-- Extracted information follows --

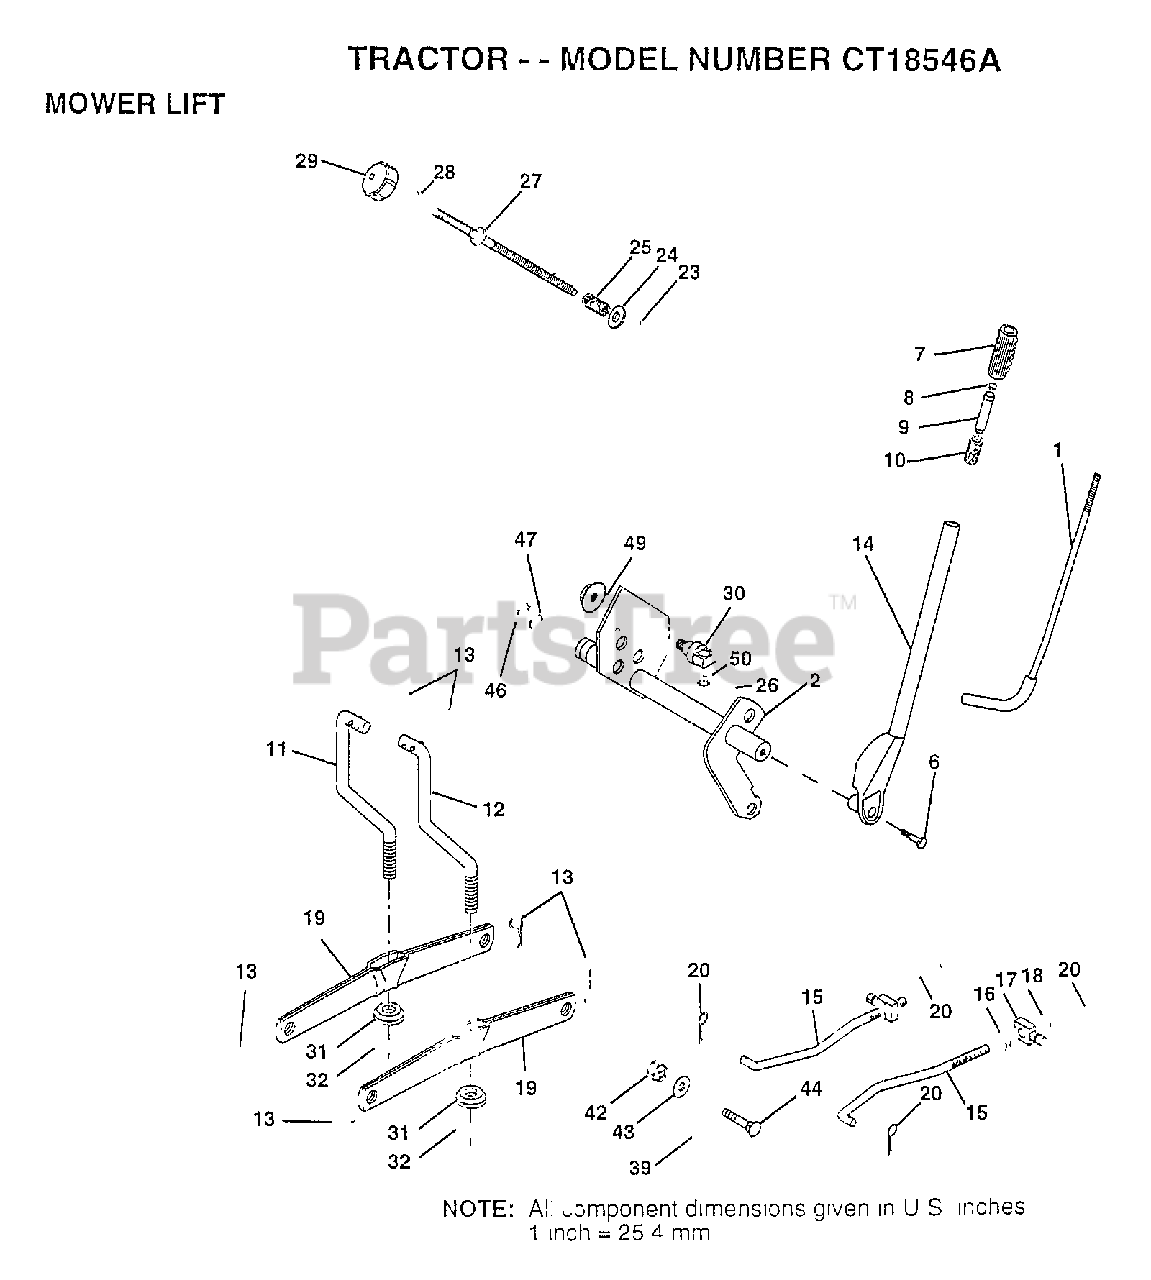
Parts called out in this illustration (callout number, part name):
1	LEVER ROD LT
2	SHAFT LIFT W/IND
6	"BOLT,HEX"
7	GRIP
10	SPRING T
11	LINK.LIFT.LH.GTV
12	LINK.LIFT.RH.GTV.
15	LINK.FRONT
16	NUT
17	TRUNION
18	NUT.LK.W/WSH.1/2.
19	ARM SUSP REAR
20	RETAINER.SPRING
23	NUT T
24	WASHER
25	SPRING.COMP.INF.H
27	ROD.ADJ.LIFT
28	NUT
29	KNOB INF 3/8-16
30	TRUNNION
31	BEARING PVT LH
32	NUT.CROWNLOCK.3/8
39	STOP.OVER.CENTER
43	WASHER GT
44	BOLT
46	E-RING
47	WASHER
49	NUT.HXFLG.LOCK.
50	NUT PUSH M

-- Extracted information concluded --

#### Exercise
Give the records again without a single change, and exclude the pictures.

#### Output
Parts called out in this illustration (callout number, part name):
1	LEVER ROD LT
2	SHAFT LIFT W/IND
6	"BOLT,HEX"
7	GRIP
10	SPRING T
11	LINK.LIFT.LH.GTV
12	LINK.LIFT.RH.GTV.
15	LINK.FRONT
16	NUT
17	TRUNION
18	NUT.LK.W/WSH.1/2.
19	ARM SUSP REAR
20	RETAINER.SPRING
23	NUT T
24	WASHER
25	SPRING.COMP.INF.H
27	ROD.ADJ.LIFT
28	NUT
29	KNOB INF 3/8-16
30	TRUNNION
31	BEARING PVT LH
32	NUT.CROWNLOCK.3/8
39	STOP.OVER.CENTER
43	WASHER GT
44	BOLT
46	E-RING
47	WASHER
49	NUT.HXFLG.LOCK.
50	NUT PUSH M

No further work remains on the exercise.